The Shining Review

A scary good film.

The Shining Review

William Barbi, Staff Writer

The Shining is a horror movie directed by Stanley Kubrick and is a loose adaptation of Stephen King’s novel The Shining is about a writer that is slowly going insane with his wife and son who has a telekinetic ability called the Shining.  When on vacation the family stays in a place called the Overlook Hotel which has some dark secrets hidden there. When the film was first released, critics and even Stephen King hated the adaptation, but now the film has had a massive influence on other horror movies after it and is regarded as one of the best and scariest horror movies of all time.

The Shining has very well done atmosphere. It focuses more on psychological element rather than focusing on supernatural elements. The movie is scary not due to jump scares like a lot of horror movies today has, it gives you a cold feeling and a sense of dread. The feeling that there’s a danger with the characters. You get that feeling even when the movie starts and the music is playing in the opening. That music tells you something terrible is going to happen to the people in the car going to the Overlook Hotel when the electric organ is playing chilling music. The camera work helps the tension. Whenever a character is moving from one location to the other, the camera follows them as they move making you feel like you are there moving with them. That helps make The Shining more scary than any ordinary horror movie.
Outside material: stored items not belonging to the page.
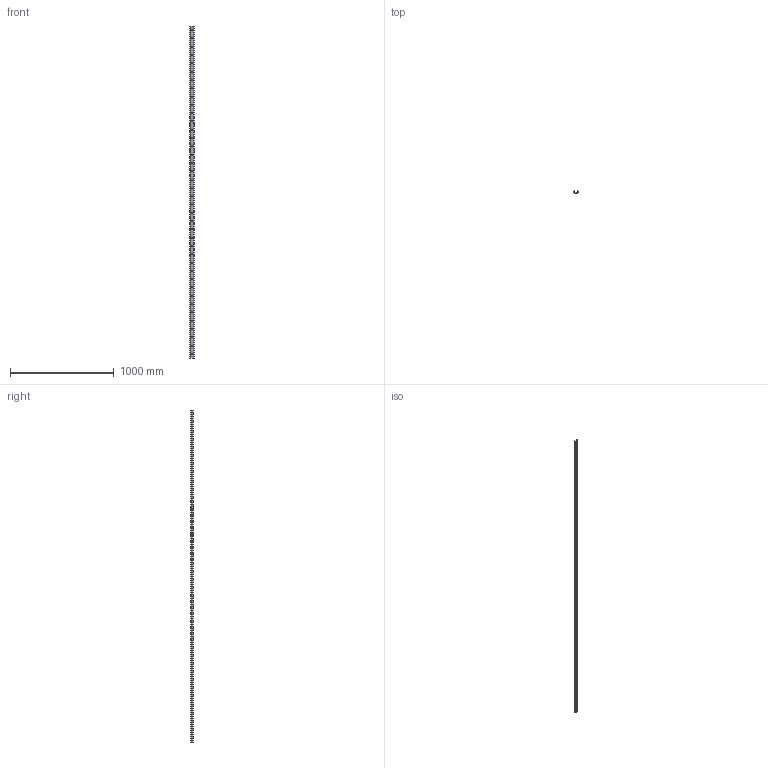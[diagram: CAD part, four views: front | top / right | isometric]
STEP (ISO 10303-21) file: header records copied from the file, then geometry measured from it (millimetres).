
FILE_DESCRIPTION(('STEP AP214'),'1');
FILE_NAME('rail_tex40-3200.stp','2019-03-08T08:33:53',('TraceParts'),('TraceParts S.A.'),'Spatial InterOp 3D',' ',' ');
FILE_SCHEMA(('automotive_design'));
Length unit declared in the file: millimetre
Products named in the file (1): rail_tex40-3200
Bounding box: 39.53 x 21 x 3200 mm (x, y, z)
Volume: 625666.2 mm3; surface area: 440619.3 mm2
Topology: 1 solids, 1 shells, 676 faces, 1752 edges, 1168 vertices
Faces by surface type: plane 474, bspline 110, cylinder 92
Entity records: 42873 total; most frequent: CARTESIAN_POINT 21267, ORIENTED_EDGE 3504, DIRECTION 2850, EDGE_CURVE 1752, LINE 1348, VECTOR 1348, VERTEX_POINT 1168, EDGE_LOOP 846
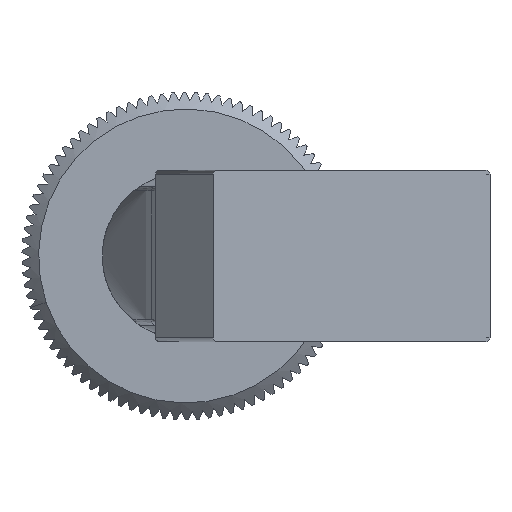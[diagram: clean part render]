
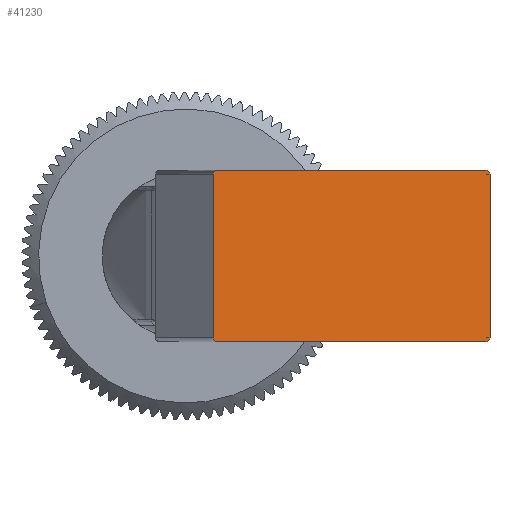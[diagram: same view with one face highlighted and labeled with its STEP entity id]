
A CAD part, left-side view. The second image highlights one B-rep face of the part: STEP entity #41230.
In plain terms, the highlighted planar face has unit normal (-0.998, -0.07, 0).
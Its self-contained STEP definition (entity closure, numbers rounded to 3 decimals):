
#394 = CARTESIAN_POINT ( 'NONE',  ( 0.045, -4.5, -0.15 ) ) ;
#721 = DIRECTION ( 'NONE',  ( 0., 0., -1. ) ) ;
#767 = CARTESIAN_POINT ( 'NONE',  ( 0.742, -14.476, -6.138 ) ) ;
#1640 = DIRECTION ( 'NONE',  ( -0.998, -0.07, 0. ) ) ;
#2440 = CARTESIAN_POINT ( 'NONE',  ( 0.742, -14.476, -6.05 ) ) ;
#4276 = CARTESIAN_POINT ( 'NONE',  ( 0.738, -14.413, -6.2 ) ) ;
#4413 = DIRECTION ( 'NONE',  ( 0.07, -0.998, 0. ) ) ;
#5393 = VERTEX_POINT ( 'NONE', #2440 ) ;
#7200 = CARTESIAN_POINT ( 'NONE',  ( 0.732, -14.325, 0. ) ) ;
#7552 = CARTESIAN_POINT ( 'NONE',  ( 0.394, -9.488, -6.2 ) ) ;
#7842 = CARTESIAN_POINT ( 'NONE',  ( 0.742, -14.476, -6.05 ) ) ;
#8085 = CARTESIAN_POINT ( 'NONE',  ( 0.055, -4.65, -6.2 ) ) ;
#8997 = CARTESIAN_POINT ( 'NONE',  ( 0.055, -4.65, 0. ) ) ;
#9519 = EDGE_CURVE ( 'NONE', #42953, #27611, #39911, .T. ) ;
#10151 = EDGE_LOOP ( 'NONE', ( #18217, #19140, #23784, #28039, #29010, #31777, #31185, #19960 ) ) ;
#10276 = CIRCLE ( 'NONE', #36590, 0.15 ) ;
#10425 = VECTOR ( 'NONE', #721, 1000. ) ;
#11446 = CARTESIAN_POINT ( 'NONE',  ( 0.742, -14.476, 0. ) ) ;
#11912 = CARTESIAN_POINT ( 'NONE',  ( 0.742, -14.476, -0.062 ) ) ;
#12060 = CARTESIAN_POINT ( 'NONE',  ( 0.738, -14.413, 0. ) ) ;
#13377 = EDGE_CURVE ( 'NONE', #40821, #5393, #37069, .T. ) ;
#15362 = DIRECTION ( 'NONE',  ( 0.07, -0.998, 0. ) ) ;
#15972 = CIRCLE ( 'NONE', #19797, 0.15 ) ;
#16221 = EDGE_CURVE ( 'NONE', #40821, #27611, #39894, .T. ) ;
#17081 = EDGE_CURVE ( 'NONE', #35322, #32589, #10276, .T. ) ;
#18217 = ORIENTED_EDGE ( 'NONE', *, *, #9519, .F. ) ;
#18457 = EDGE_CURVE ( 'NONE', #42953, #24467, #15972, .T. ) ;
#18808 = CARTESIAN_POINT ( 'NONE',  ( 0.394, -9.488, 0. ) ) ;
#18960 = VECTOR ( 'NONE', #36639, 1000. ) ;
#19006 = AXIS2_PLACEMENT_3D ( 'NONE', #18808, #1640, #15362 ) ;
#19140 = ORIENTED_EDGE ( 'NONE', *, *, #18457, .T. ) ;
#19150 = DIRECTION ( 'NONE',  ( -0.998, -0.07, 0. ) ) ;
#19680 = CARTESIAN_POINT ( 'NONE',  ( 0.742, -14.476, -0.15 ) ) ;
#19797 = AXIS2_PLACEMENT_3D ( 'NONE', #29352, #43214, #32913 ) ;
#19960 = ORIENTED_EDGE ( 'NONE', *, *, #16221, .T. ) ;
#20997 = LINE ( 'NONE', #36657, #10425 ) ;
#21702 = VECTOR ( 'NONE', #4413, 1000. ) ;
#22013 = DIRECTION ( 'NONE',  ( 0., 0., -1. ) ) ;
#22382 = PLANE ( 'NONE',  #19006 ) ;
#22561 = DIRECTION ( 'NONE',  ( 0.07, -0.998, 0. ) ) ;
#23784 = ORIENTED_EDGE ( 'NONE', *, *, #27741, .T. ) ;
#24467 = VERTEX_POINT ( 'NONE', #394 ) ;
#24945 = CARTESIAN_POINT ( 'NONE',  ( 0.055, -4.65, -6.05 ) ) ;
#27611 = VERTEX_POINT ( 'NONE', #7200 ) ;
#27741 = EDGE_CURVE ( 'NONE', #24467, #35322, #20997, .T. ) ;
#28039 = ORIENTED_EDGE ( 'NONE', *, *, #17081, .T. ) ;
#28151 = CARTESIAN_POINT ( 'NONE',  ( 0.732, -14.325, -6.2 ) ) ;
#29010 = ORIENTED_EDGE ( 'NONE', *, *, #37745, .T. ) ;
#29352 = CARTESIAN_POINT ( 'NONE',  ( 0.055, -4.65, -0.15 ) ) ;
#31185 = ORIENTED_EDGE ( 'NONE', *, *, #13377, .F. ) ;
#31777 = ORIENTED_EDGE ( 'NONE', *, *, #38797, .T. ) ;
#32589 = VERTEX_POINT ( 'NONE', #8085 ) ;
#32913 = DIRECTION ( 'NONE',  ( 0.07, -0.998, 0. ) ) ;
#33168 =( BOUNDED_CURVE ( )  B_SPLINE_CURVE ( 3, ( #28151, #4276, #767, #7842 ),
 .UNSPECIFIED., .F., .F. ) 
 B_SPLINE_CURVE_WITH_KNOTS ( ( 4, 4 ),
 ( 4.712, 6.283 ),
 .UNSPECIFIED. ) 
 CURVE ( )  GEOMETRIC_REPRESENTATION_ITEM ( )  RATIONAL_B_SPLINE_CURVE ( ( 1., 0.805, 0.805, 1. ) ) 
 REPRESENTATION_ITEM ( '' )  );
#33747 = CARTESIAN_POINT ( 'NONE',  ( 0.732, -14.325, 0. ) ) ;
#35322 = VERTEX_POINT ( 'NONE', #44703 ) ;
#35981 = VECTOR ( 'NONE', #22013, 1000. ) ;
#36023 = FACE_OUTER_BOUND ( 'NONE', #10151, .T. ) ;
#36590 = AXIS2_PLACEMENT_3D ( 'NONE', #24945, #19150, #22561 ) ;
#36639 = DIRECTION ( 'NONE',  ( 0.07, -0.998, 0. ) ) ;
#36657 = CARTESIAN_POINT ( 'NONE',  ( 0.045, -4.5, 0. ) ) ;
#37069 = LINE ( 'NONE', #11446, #35981 ) ;
#37745 = EDGE_CURVE ( 'NONE', #32589, #42507, #44300, .T. ) ;
#38378 = CARTESIAN_POINT ( 'NONE',  ( 0.732, -14.325, -6.2 ) ) ;
#38797 = EDGE_CURVE ( 'NONE', #42507, #5393, #33168, .T. ) ;
#39894 =( BOUNDED_CURVE ( )  B_SPLINE_CURVE ( 3, ( #19680, #11912, #12060, #33747 ),
 .UNSPECIFIED., .F., .T. ) 
 B_SPLINE_CURVE_WITH_KNOTS ( ( 4, 4 ),
 ( 3.142, 4.712 ),
 .UNSPECIFIED. ) 
 CURVE ( )  GEOMETRIC_REPRESENTATION_ITEM ( )  RATIONAL_B_SPLINE_CURVE ( ( 1., 0.805, 0.805, 1. ) ) 
 REPRESENTATION_ITEM ( '' )  );
#39911 = LINE ( 'NONE', #44052, #18960 ) ;
#40821 = VERTEX_POINT ( 'NONE', #44005 ) ;
#41230 = ADVANCED_FACE ( 'NONE', ( #36023 ), #22382, .T. ) ;
#42507 = VERTEX_POINT ( 'NONE', #38378 ) ;
#42953 = VERTEX_POINT ( 'NONE', #8997 ) ;
#43214 = DIRECTION ( 'NONE',  ( -0.998, -0.07, 0. ) ) ;
#44005 = CARTESIAN_POINT ( 'NONE',  ( 0.742, -14.476, -0.15 ) ) ;
#44052 = CARTESIAN_POINT ( 'NONE',  ( 0.059, -4.7, 0. ) ) ;
#44300 = LINE ( 'NONE', #7552, #21702 ) ;
#44703 = CARTESIAN_POINT ( 'NONE',  ( 0.045, -4.5, -6.05 ) ) ;
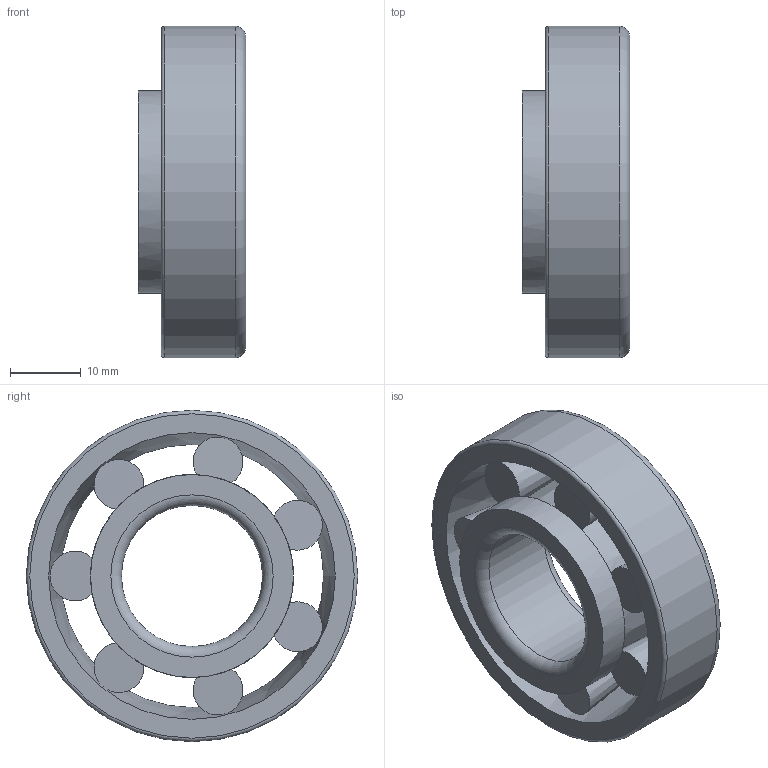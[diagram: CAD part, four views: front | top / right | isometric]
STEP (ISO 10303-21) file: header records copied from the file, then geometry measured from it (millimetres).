
FILE_DESCRIPTION(/* description */ ('테이퍼 롤러 베어링'),/* implementation_level */ '2;1');
FILE_NAME(/* name */ '',/* time_stamp */ '2026-01-09T11:09:03+09:00',/* author */ ('jhkim'),/* organization */ (''),/* preprocessor_version */ 'ST-DEVELOPER v20.1',/* originating_system */ 'Autodesk Inventor 2026',/* authorisation */ '');
FILE_SCHEMA (('AUTOMOTIVE_DESIGN { 1 0 10303 214 3 1 1 }'));
Length unit declared in the file: millimetre
Products named in the file (1): 테이퍼 롤러 베어링 
30204K
Bounding box: 15.25 x 47 x 47 mm (x, y, z)
Volume: 12153.5 mm3; surface area: 8653.5 mm2
Topology: 2 solids, 2 shells, 62 faces, 146 edges, 81 vertices
Faces by surface type: cone 36, plane 18, cylinder 4, torus 4
Full cylindrical faces by diameter (mm): 20 x1, 27.48 x1, 28.783 x1, 47 x1
Entity records: 1960 total; most frequent: CARTESIAN_POINT 437, DIRECTION 336, ORIENTED_EDGE 306, EDGE_CURVE 153, AXIS2_PLACEMENT_3D 148, VERTEX_POINT 81, CIRCLE 78, EDGE_LOOP 66
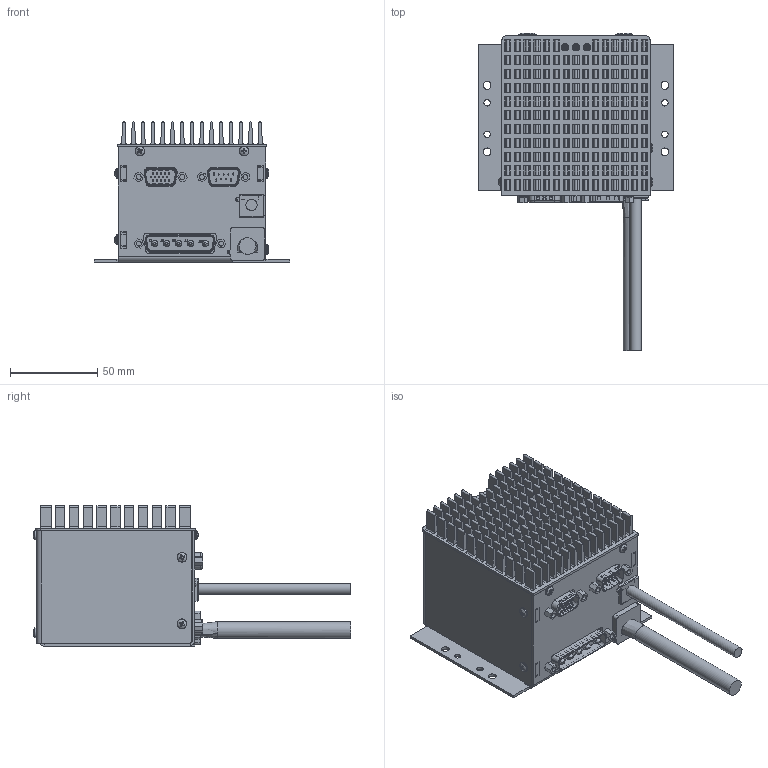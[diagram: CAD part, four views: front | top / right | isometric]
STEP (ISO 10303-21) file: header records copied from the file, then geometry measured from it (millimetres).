
FILE_DESCRIPTION(/* description */ ('Alibre Inc.'),/* implementation_level */ '2;1');
FILE_NAME(/* name */ 'export0',/* time_stamp */ '2017-08-14T10:55:41-07:00',/* author */ (''),/* organization */ (''),/* preprocessor_version */ 'ST-DEVELOPER v14',/* originating_system */ 'Alibre',/* authorisation */ '');
FILE_SCHEMA (('AUTOMOTIVE_DESIGN'));
Length unit declared in the file: inch
Products named in the file (21): 680M5W5103L401
Bounding box: 112.01 x 182.01 x 80.34 mm (x, y, z)
Volume: 149148.4 mm3; surface area: 137431 mm2
Topology: 38 solids, 58 shells, 3902 faces, 9830 edges, 6353 vertices
Faces by surface type: plane 2184, cylinder 1239, torus 164, cone 147, bspline 140, sphere 28
Full cylindrical faces by diameter (mm): 0.483 x3, 0.6 x17, 0.76 x45, 0.95 x15, 1.01 x15, 1.34 x15, 1.524 x2, 1.55 x15, 2 x2, 2.156 x7, 2.159 x2, 2.438 x4, 2.489 x6, 2.54 x3, 2.718 x3, 2.794 x10, 2.845 x1, 2.87 x6, 3.048 x8, 3.175 x10, 3.2 x2, 3.658 x4, 3.81 x3, 4 x2, 4.15 x2, 4.3 x2, 4.496 x4, 4.763 x2, 5.3 x2, 5.563 x10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
Entity records: 106499 total; most frequent: CARTESIAN_POINT 29705, ORIENTED_EDGE 17280, DIRECTION 12667, EDGE_CURVE 8640, VERTEX_POINT 5679, AXIS2_PLACEMENT_3D 5031, EDGE_LOOP 4115, FACE_BOUND 4115

One thing a lot of people remember The Shining for are the mysteries and questions everyone has about the movie. These include what the film is symbolizing to what is actually happening in the movie. For example, some people made theories the movie symbolized Stanley Kubrick secretly telling the audience NASA faked the moon landing, how the film is symbolism for how poorly Native Americans were treated, how the movie could be symbolism for the horrors of The Holocaust, how the scene when the kid running away from his dad in the grass maze symbolizes Theseus and the Minotaur, how everything happening is just a dream, and how everything could be in the novel the father is writing. People are still coming up with more theories even today and looking more and more into The Shining. This is how the film could make you more interested in what is happening.

In conclusion, all of these combined elements make The Shining a near perfect and very influential movie. The film can be slow, but it uses this to it’s advantage by making you think about what is going to happen. It has great acting and everything a horror fan would love plus other things to keep their interest that no ordinary horror movie would have. This movie is thought provoking, mysterious, suspenseful, subtle, and terrifying. Stanley Kubrick’s adaptation of The Shining earned its place as a horror classic.